These programs are just the latest examples of Land Rover BAR’s Best-In-Class sustainability track record, including its BREEAM Excellent (akin to LEED Gold) home base in Portsmouth, England, to its Life Cycle Assessment approach to carbon efficiency, and much more. Per a recent press release, these efforts are designed to keep the team consistent with the tenets of the Paris Climate Agreement, doing its part in the effort to reduce global carbon emissions by 80 percent over the next 30 years.

 

 
JENNY VRENTAS OF SI.COM’S MONDAY MORNING QB OPINES ABOUT U.S. EXIT FROM PARIS CLIMATE AGREEMENT
Jenny Vrentas is a fantastic sportswriter, covering the NFL for Sports Illustrated’s popular Monday Morning Quarterback site—it reaches 1 million readers monthly. Her stories on the varied aspects of the league’s potentially existential concussion issues are informative and illuminating. This week, she substituted for the vacationing Peter King, the site’s Grand Poobah, penning her version of the must-read (for pro football fans) MMQB column, a detailed, insider’s view of the news, rumors and nuggets surrounding the NFL.

 

Vrentas

Jenny Vrentas, from si.com’s MMQB blog. (Photo credit: Twitter)

 
So imagine my pleasant surprise when Ms. Vrentas, near the very end of MMQB, in the TEN THINGS I THINK I THINK section, in the “I think these are my non-football thoughts of the week” subsection, included the following as her items c and d:
c. I was trying to find a smart link between the urgency of the fight against climate change and sports. This was the best I could do.

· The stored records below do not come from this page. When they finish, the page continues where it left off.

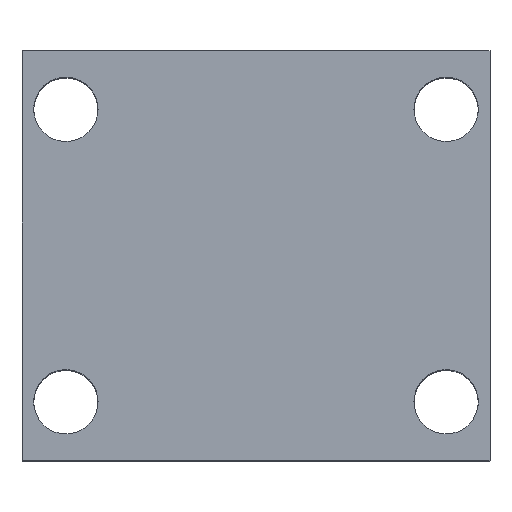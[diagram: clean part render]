
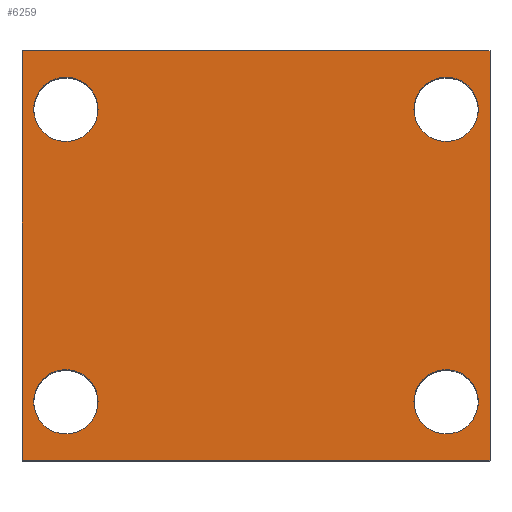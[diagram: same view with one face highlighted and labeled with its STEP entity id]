
A CAD part, top view. The second image highlights one B-rep face of the part: STEP entity #6259.
In plain terms, the highlighted planar face has unit normal (0, 0, 1).
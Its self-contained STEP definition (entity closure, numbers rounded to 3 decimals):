
#691 = DIRECTION ( 'NONE',  ( -1., 0., 0. ) ) ;
#737 = DIRECTION ( 'NONE',  ( -1., 0., 0. ) ) ;
#752 = EDGE_CURVE ( 'NONE', #6487, #9399, #3412, .T. ) ;
#985 = EDGE_CURVE ( 'NONE', #15722, #7654, #1640, .T. ) ;
#1000 = VERTEX_POINT ( 'NONE', #14441 ) ;
#1231 = CIRCLE ( 'NONE', #9480, 11. ) ;
#1640 = LINE ( 'NONE', #14185, #15333 ) ;
#1718 = AXIS2_PLACEMENT_3D ( 'NONE', #6743, #16302, #8098 ) ;
#1775 = EDGE_CURVE ( 'NONE', #12870, #4055, #7013, .T. ) ;
#1820 = CARTESIAN_POINT ( 'NONE',  ( -65., 120., 90. ) ) ;
#2119 = CIRCLE ( 'NONE', #7681, 11. ) ;
#2495 = EDGE_CURVE ( 'NONE', #7426, #9837, #8690, .T. ) ;
#2506 = VERTEX_POINT ( 'NONE', #14371 ) ;
#2841 = DIRECTION ( 'NONE',  ( 0., -1., 0. ) ) ;
#3239 = DIRECTION ( 'NONE',  ( -1., 0., 0. ) ) ;
#3412 = CIRCLE ( 'NONE', #4267, 11. ) ;
#4052 = PLANE ( 'NONE',  #6599 ) ;
#4055 = VERTEX_POINT ( 'NONE', #10257 ) ;
#4267 = AXIS2_PLACEMENT_3D ( 'NONE', #11662, #11810, #11790 ) ;
#4327 = EDGE_LOOP ( 'NONE', ( #7957, #10942, #7669, #6729 ) ) ;
#4481 = CARTESIAN_POINT ( 'NONE',  ( -80., 0., 90. ) ) ;
#4485 = EDGE_CURVE ( 'NONE', #9837, #7426, #17508, .T. ) ;
#4889 = DIRECTION ( 'NONE',  ( 0., 0., -1. ) ) ;
#5522 = CARTESIAN_POINT ( 'NONE',  ( -80., 140., 90. ) ) ;
#5721 = VERTEX_POINT ( 'NONE', #8043 ) ;
#5854 = DIRECTION ( 'NONE',  ( 0., 0., -1. ) ) ;
#6145 = DIRECTION ( 'NONE',  ( 0., 0., -1. ) ) ;
#6259 = ADVANCED_FACE ( 'NONE', ( #10995, #10581, #15938, #13753, #10163 ), #4052, .F. ) ;
#6301 = EDGE_CURVE ( 'NONE', #5721, #1000, #13331, .T. ) ;
#6339 = CARTESIAN_POINT ( 'NONE',  ( -54., 120., 90. ) ) ;
#6396 = CARTESIAN_POINT ( 'NONE',  ( -54., 20., 90. ) ) ;
#6487 = VERTEX_POINT ( 'NONE', #17143 ) ;
#6599 = AXIS2_PLACEMENT_3D ( 'NONE', #16401, #8199, #17822 ) ;
#6729 = ORIENTED_EDGE ( 'NONE', *, *, #985, .T. ) ;
#6737 = DIRECTION ( 'NONE',  ( 1., 0., 0. ) ) ;
#6743 = CARTESIAN_POINT ( 'NONE',  ( -65., 120., 90. ) ) ;
#7013 = CIRCLE ( 'NONE', #1718, 11. ) ;
#7064 = VERTEX_POINT ( 'NONE', #11082 ) ;
#7220 = EDGE_CURVE ( 'NONE', #4055, #12870, #7592, .T. ) ;
#7250 = LINE ( 'NONE', #12226, #10447 ) ;
#7304 = ORIENTED_EDGE ( 'NONE', *, *, #2495, .T. ) ;
#7426 = VERTEX_POINT ( 'NONE', #6396 ) ;
#7496 = ORIENTED_EDGE ( 'NONE', *, *, #7220, .T. ) ;
#7592 = CIRCLE ( 'NONE', #9906, 11. ) ;
#7654 = VERTEX_POINT ( 'NONE', #4481 ) ;
#7669 = ORIENTED_EDGE ( 'NONE', *, *, #8380, .F. ) ;
#7681 = AXIS2_PLACEMENT_3D ( 'NONE', #13972, #5854, #15367 ) ;
#7931 = CARTESIAN_POINT ( 'NONE',  ( -80., 140., 90. ) ) ;
#7957 = ORIENTED_EDGE ( 'NONE', *, *, #15789, .T. ) ;
#8043 = CARTESIAN_POINT ( 'NONE',  ( 80., 140., 90. ) ) ;
#8098 = DIRECTION ( 'NONE',  ( -1., 0., 0. ) ) ;
#8199 = DIRECTION ( 'NONE',  ( 0., 0., -1. ) ) ;
#8380 = EDGE_CURVE ( 'NONE', #15722, #5721, #15468, .T. ) ;
#8674 = ORIENTED_EDGE ( 'NONE', *, *, #13217, .T. ) ;
#8690 = CIRCLE ( 'NONE', #13280, 11. ) ;
#8916 = DIRECTION ( 'NONE',  ( 0., 0., -1. ) ) ;
#8961 = DIRECTION ( 'NONE',  ( 0., 0., -1. ) ) ;
#9399 = VERTEX_POINT ( 'NONE', #10654 ) ;
#9480 = AXIS2_PLACEMENT_3D ( 'NONE', #13046, #4889, #14393 ) ;
#9558 = DIRECTION ( 'NONE',  ( 0., -1., 0. ) ) ;
#9630 = CARTESIAN_POINT ( 'NONE',  ( 80., 140., 90. ) ) ;
#9695 = ORIENTED_EDGE ( 'NONE', *, *, #752, .T. ) ;
#9837 = VERTEX_POINT ( 'NONE', #10687 ) ;
#9906 = AXIS2_PLACEMENT_3D ( 'NONE', #1820, #11392, #3239 ) ;
#10163 = FACE_OUTER_BOUND ( 'NONE', #4327, .T. ) ;
#10257 = CARTESIAN_POINT ( 'NONE',  ( -76., 120., 90. ) ) ;
#10447 = VECTOR ( 'NONE', #6737, 1000. ) ;
#10581 = FACE_BOUND ( 'NONE', #12207, .T. ) ;
#10654 = CARTESIAN_POINT ( 'NONE',  ( 76., 20., 90. ) ) ;
#10687 = CARTESIAN_POINT ( 'NONE',  ( -76., 20., 90. ) ) ;
#10860 = DIRECTION ( 'NONE',  ( 1., 0., 0. ) ) ;
#10906 = EDGE_LOOP ( 'NONE', ( #9695, #12631 ) ) ;
#10942 = ORIENTED_EDGE ( 'NONE', *, *, #6301, .F. ) ;
#10995 = FACE_BOUND ( 'NONE', #11774, .T. ) ;
#11082 = CARTESIAN_POINT ( 'NONE',  ( 76., 120., 90. ) ) ;
#11392 = DIRECTION ( 'NONE',  ( 0., 0., -1. ) ) ;
#11662 = CARTESIAN_POINT ( 'NONE',  ( 65., 20., 90. ) ) ;
#11774 = EDGE_LOOP ( 'NONE', ( #7496, #12071 ) ) ;
#11790 = DIRECTION ( 'NONE',  ( -1., 0., 0. ) ) ;
#11810 = DIRECTION ( 'NONE',  ( 0., 0., -1. ) ) ;
#12003 = AXIS2_PLACEMENT_3D ( 'NONE', #14269, #6145, #15674 ) ;
#12071 = ORIENTED_EDGE ( 'NONE', *, *, #1775, .T. ) ;
#12207 = EDGE_LOOP ( 'NONE', ( #14262, #7304 ) ) ;
#12226 = CARTESIAN_POINT ( 'NONE',  ( -80., 0., 90. ) ) ;
#12620 = ORIENTED_EDGE ( 'NONE', *, *, #17682, .T. ) ;
#12631 = ORIENTED_EDGE ( 'NONE', *, *, #13336, .T. ) ;
#12870 = VERTEX_POINT ( 'NONE', #6339 ) ;
#13046 = CARTESIAN_POINT ( 'NONE',  ( 65., 20., 90. ) ) ;
#13058 = EDGE_LOOP ( 'NONE', ( #12620, #8674 ) ) ;
#13217 = EDGE_CURVE ( 'NONE', #7064, #2506, #2119, .T. ) ;
#13280 = AXIS2_PLACEMENT_3D ( 'NONE', #17201, #8961, #737 ) ;
#13331 = LINE ( 'NONE', #9630, #16583 ) ;
#13336 = EDGE_CURVE ( 'NONE', #9399, #6487, #1231, .T. ) ;
#13753 = FACE_BOUND ( 'NONE', #13058, .T. ) ;
#13972 = CARTESIAN_POINT ( 'NONE',  ( 65., 120., 90. ) ) ;
#14185 = CARTESIAN_POINT ( 'NONE',  ( -80., 140., 90. ) ) ;
#14262 = ORIENTED_EDGE ( 'NONE', *, *, #4485, .T. ) ;
#14269 = CARTESIAN_POINT ( 'NONE',  ( 65., 120., 90. ) ) ;
#14371 = CARTESIAN_POINT ( 'NONE',  ( 54., 120., 90. ) ) ;
#14393 = DIRECTION ( 'NONE',  ( -1., 0., 0. ) ) ;
#14441 = CARTESIAN_POINT ( 'NONE',  ( 80., 0., 90. ) ) ;
#15032 = VECTOR ( 'NONE', #10860, 1000. ) ;
#15333 = VECTOR ( 'NONE', #9558, 1000. ) ;
#15367 = DIRECTION ( 'NONE',  ( -1., 0., 0. ) ) ;
#15468 = LINE ( 'NONE', #5522, #15032 ) ;
#15674 = DIRECTION ( 'NONE',  ( -1., 0., 0. ) ) ;
#15722 = VERTEX_POINT ( 'NONE', #7931 ) ;
#15789 = EDGE_CURVE ( 'NONE', #7654, #1000, #7250, .T. ) ;
#15938 = FACE_BOUND ( 'NONE', #10906, .T. ) ;
#16198 = AXIS2_PLACEMENT_3D ( 'NONE', #17152, #8916, #691 ) ;
#16302 = DIRECTION ( 'NONE',  ( 0., 0., -1. ) ) ;
#16401 = CARTESIAN_POINT ( 'NONE',  ( -80., 140., 90. ) ) ;
#16583 = VECTOR ( 'NONE', #2841, 1000. ) ;
#17143 = CARTESIAN_POINT ( 'NONE',  ( 54., 20., 90. ) ) ;
#17152 = CARTESIAN_POINT ( 'NONE',  ( -65., 20., 90. ) ) ;
#17201 = CARTESIAN_POINT ( 'NONE',  ( -65., 20., 90. ) ) ;
#17301 = CIRCLE ( 'NONE', #12003, 11. ) ;
#17508 = CIRCLE ( 'NONE', #16198, 11. ) ;
#17682 = EDGE_CURVE ( 'NONE', #2506, #7064, #17301, .T. ) ;
#17822 = DIRECTION ( 'NONE',  ( -1., 0., 0. ) ) ;

d. A better idea would be to simply link to this video of climate change happening, a section of ice the size of the tip of Manhattan calving from a glacier in Greenland.
I think I thought two things upon reading this:

  1. Welcome to the Green-Sports movement, Jenny Vrentas, even if you aren’t aware you’ve joined!
  2. You can find plenty of smart links between the climate change fight and sports right here at GreenSportsBlog!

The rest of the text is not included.